There were no 'what ifs' that Sunday. Every attack was covered, each attacker's heart cracked just that bit more. Froome seemed to be in control, even when his team were suffering.
And how brilliant those team-mates were. Geraint Thomas, battling on with a cracked hip; Richie Porte, a firefighter in the Red Adair class; and Kennaugh, a lad who might just go and win this race himself one day. Yet the ultimate key to victory? "Chris's mental resilience," Brailsford said. "He's got this fantastic, polite sheen but underneath there's a fighter."
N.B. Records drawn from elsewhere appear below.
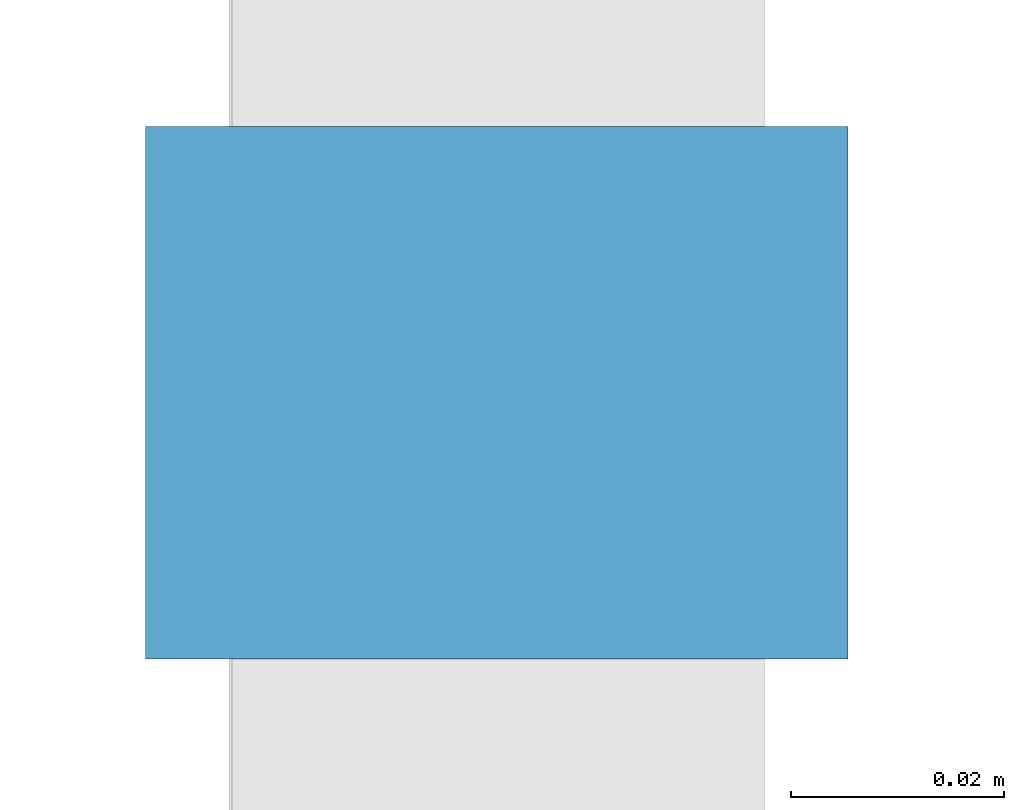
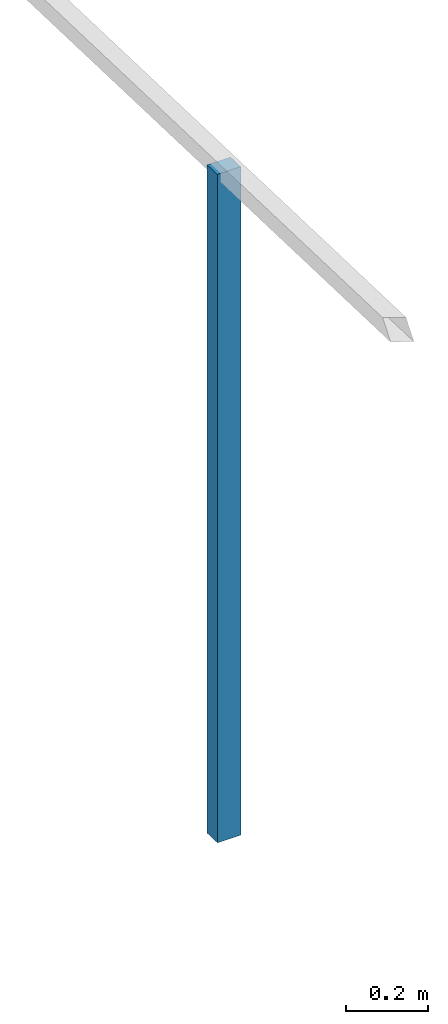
# One storey, part 46 of 91: 1 building element part, 1 element without a shape of its own.
"""IFC2X3 building model written with IfcOpenShell, lengths in metres."""

from ifc_helpers import new_model, entity, si_unit, converted_unit, derived_unit, money_unit, direction, frame, origin_with_axes, place, context, subcontext, project, spatial, faceted_brep, material, type_object, element, aggregate, save


model = new_model("IFC2X3")

# Units and contexts
model_context = context("Model", 3, precision=1e-05, world=origin_with_axes(), true_north=direction((0.0, 1.0)))
body_context = subcontext(model_context, "Body", "Model", "MODEL_VIEW")
ifc_project = project(units=[si_unit("LENGTHUNIT", "METRE"), si_unit("AREAUNIT", "SQUARE_METRE"), si_unit("VOLUMEUNIT", "CUBIC_METRE"), converted_unit("PLANEANGLEUNIT", "DEGREE", entity("IfcPlaneAngleMeasure", 0.0174532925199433), si_unit("PLANEANGLEUNIT", "RADIAN"), dimensions=[0, 0, 0, 0, 0, 0, 0]), money_unit("EUR"), converted_unit("TIMEUNIT", "Year", entity("IfcTimeMeasure", 31557600.0), si_unit("TIMEUNIT", "SECOND"), dimensions=[0, 0, 1, 0, 0, 0, 0]), si_unit("MASSUNIT", "GRAM", prefix="KILO"), si_unit("THERMODYNAMICTEMPERATUREUNIT", "DEGREE_CELSIUS"), si_unit("LUMINOUSINTENSITYUNIT", "LUMEN"), si_unit("ENERGYUNIT", "JOULE", prefix="MEGA"), derived_unit("THERMALCONDUCTANCEUNIT", [(si_unit("POWERUNIT", "WATT"), 1), (si_unit("LENGTHUNIT", "METRE"), -1), (si_unit("THERMODYNAMICTEMPERATUREUNIT", "KELVIN"), -1)]), derived_unit("SPECIFICHEATCAPACITYUNIT", [(si_unit("ENERGYUNIT", "JOULE"), 1), (si_unit("MASSUNIT", "GRAM", prefix="KILO"), -1), (si_unit("THERMODYNAMICTEMPERATUREUNIT", "KELVIN"), -1)]), derived_unit("MASSDENSITYUNIT", [(si_unit("MASSUNIT", "GRAM", prefix="KILO"), 1), (si_unit("VOLUMEUNIT", "CUBIC_METRE"), -1)])], contexts=[model_context])

# Site, building, storey
site_placement = place(None, origin_with_axes())
site = spatial("IfcSite", under=ifc_project, at=site_placement, Name="Site", CompositionType="ELEMENT")
building_placement = place(site_placement, origin_with_axes())
building = spatial("IfcBuilding", under=site, at=building_placement, Name="Bâtiment", CompositionType="ELEMENT")
storey_placement = place(building_placement, origin_with_axes())
storey = spatial("IfcBuildingStorey", under=building, at=storey_placement, Name="RDC", CompositionType="ELEMENT", Elevation=0.0)

# Proxy, building element part
building_element_proxy_type = type_object("IfcBuildingElementProxyType", Name="Type de garde-corps", PredefinedType="NOTDEFINED")
proxy_placement = place(storey_placement, frame((79.63337255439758, 3.614023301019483, -2.37161404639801), z_axis=(0.0, 0.0, 1.0), x_axis=(1.0, 0.0, 0.0)))
proxy = element("IfcBuildingElementProxy", 1, at=proxy_placement, inside=storey, type_object=building_element_proxy_type, Name="RAMPE-004")
ifc_material = material(Name="Acier Galva")
building_element_part_placement = place(proxy_placement, origin_with_axes())
building_element_part = element("IfcBuildingElementPart", 2, at=building_element_part_placement, material=ifc_material, Name="Acier Galva", context=body_context, shape_type="Brep", body=[
    faceted_brep([(-79.72708797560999, -26.54037103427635, 4.342524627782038), (-79.66108797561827, -26.54036998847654, 4.342524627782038), (-79.66108797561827, -26.54036998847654, 6.342524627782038), (-79.72708797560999, -26.54037103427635, 6.342524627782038), (-79.72708876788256, -26.49037103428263, 4.340903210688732), (-79.66108876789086, -26.49036998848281, 4.340903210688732), (-79.66108876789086, -26.49036998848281, 6.340903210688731), (-79.72708876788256, -26.49037103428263, 6.340903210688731)], [[[0, 1, 2, 3]], [[0, 4, 5, 1]], [[1, 5, 6, 2]], [[3, 2, 6, 7]], [[4, 0, 3, 7]], [[5, 4, 7, 6]]]),
])
aggregate(proxy, [building_element_part])

save(model, "model.ifc")

Brailsford thought back three weeks to the start of this adventure in Corsica. Froome was warming up in Porto-Vecchio when he hit a concrete bollard and fell off his bike. A red hot Tour favourite takes a tumble before the race even starts! You could not have made it up.
They can laugh about it now. "But every night I'd be going to bed thinking: 'OK, I've got this five-minute advantage but at any second something's going to challenge that.' I've been so fortunate. Not to have a mechanical at the wrong time, a crash, anything going wrong."
The big scab on Froome's right knee, the result of that fall, was his only scar of the Tour; the rest belonged to his rivals.
The Sun King, shining bright for Sky, may reign for years.